:: What the task requires ::
Transcribe every record as it stands and set the images aside.
*****
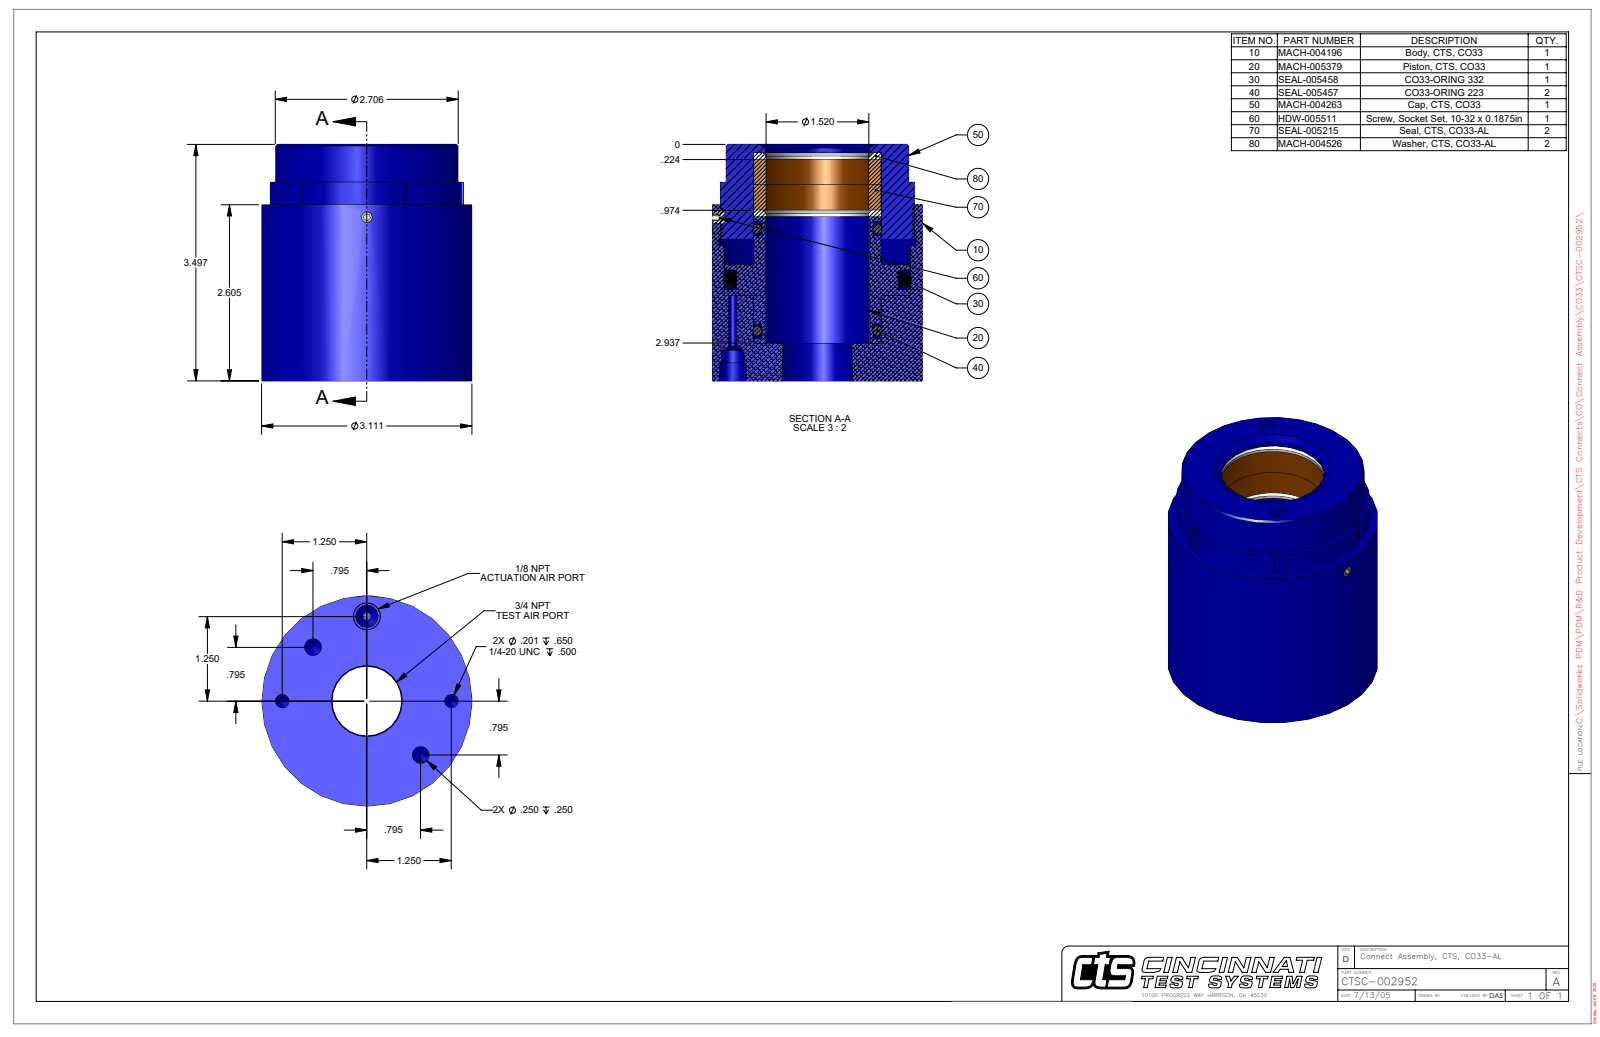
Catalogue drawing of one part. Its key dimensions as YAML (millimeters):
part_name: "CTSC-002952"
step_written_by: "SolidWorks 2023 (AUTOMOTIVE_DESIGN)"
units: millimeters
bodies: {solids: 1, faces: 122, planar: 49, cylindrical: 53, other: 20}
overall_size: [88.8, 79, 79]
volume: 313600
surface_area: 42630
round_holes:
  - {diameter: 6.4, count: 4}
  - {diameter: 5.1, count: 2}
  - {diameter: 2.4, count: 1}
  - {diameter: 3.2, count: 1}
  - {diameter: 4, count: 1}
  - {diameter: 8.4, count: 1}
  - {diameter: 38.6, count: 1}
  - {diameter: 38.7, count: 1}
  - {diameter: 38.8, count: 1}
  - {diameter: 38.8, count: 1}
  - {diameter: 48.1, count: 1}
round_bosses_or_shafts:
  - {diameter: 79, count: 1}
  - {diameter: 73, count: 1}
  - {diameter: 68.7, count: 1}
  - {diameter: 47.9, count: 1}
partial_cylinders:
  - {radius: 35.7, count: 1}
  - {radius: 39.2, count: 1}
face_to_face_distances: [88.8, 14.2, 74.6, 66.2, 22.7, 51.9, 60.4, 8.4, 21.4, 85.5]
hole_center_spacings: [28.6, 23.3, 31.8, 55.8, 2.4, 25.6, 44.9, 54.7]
*****
:: Response ::
Catalogue drawing of one part. Its key dimensions as YAML (millimeters):
part_name: "CTSC-002952"
step_written_by: "SolidWorks 2023 (AUTOMOTIVE_DESIGN)"
units: millimeters
bodies: {solids: 1, faces: 122, planar: 49, cylindrical: 53, other: 20}
overall_size: [88.8, 79, 79]
volume: 313600
surface_area: 42630
round_holes:
  - {diameter: 6.4, count: 4}
  - {diameter: 5.1, count: 2}
  - {diameter: 2.4, count: 1}
  - {diameter: 3.2, count: 1}
  - {diameter: 4, count: 1}
  - {diameter: 8.4, count: 1}
  - {diameter: 38.6, count: 1}
  - {diameter: 38.7, count: 1}
  - {diameter: 38.8, count: 1}
  - {diameter: 38.8, count: 1}
  - {diameter: 48.1, count: 1}
round_bosses_or_shafts:
  - {diameter: 79, count: 1}
  - {diameter: 73, count: 1}
  - {diameter: 68.7, count: 1}
  - {diameter: 47.9, count: 1}
partial_cylinders:
  - {radius: 35.7, count: 1}
  - {radius: 39.2, count: 1}
face_to_face_distances: [88.8, 14.2, 74.6, 66.2, 22.7, 51.9, 60.4, 8.4, 21.4, 85.5]
hole_center_spacings: [28.6, 23.3, 31.8, 55.8, 2.4, 25.6, 44.9, 54.7]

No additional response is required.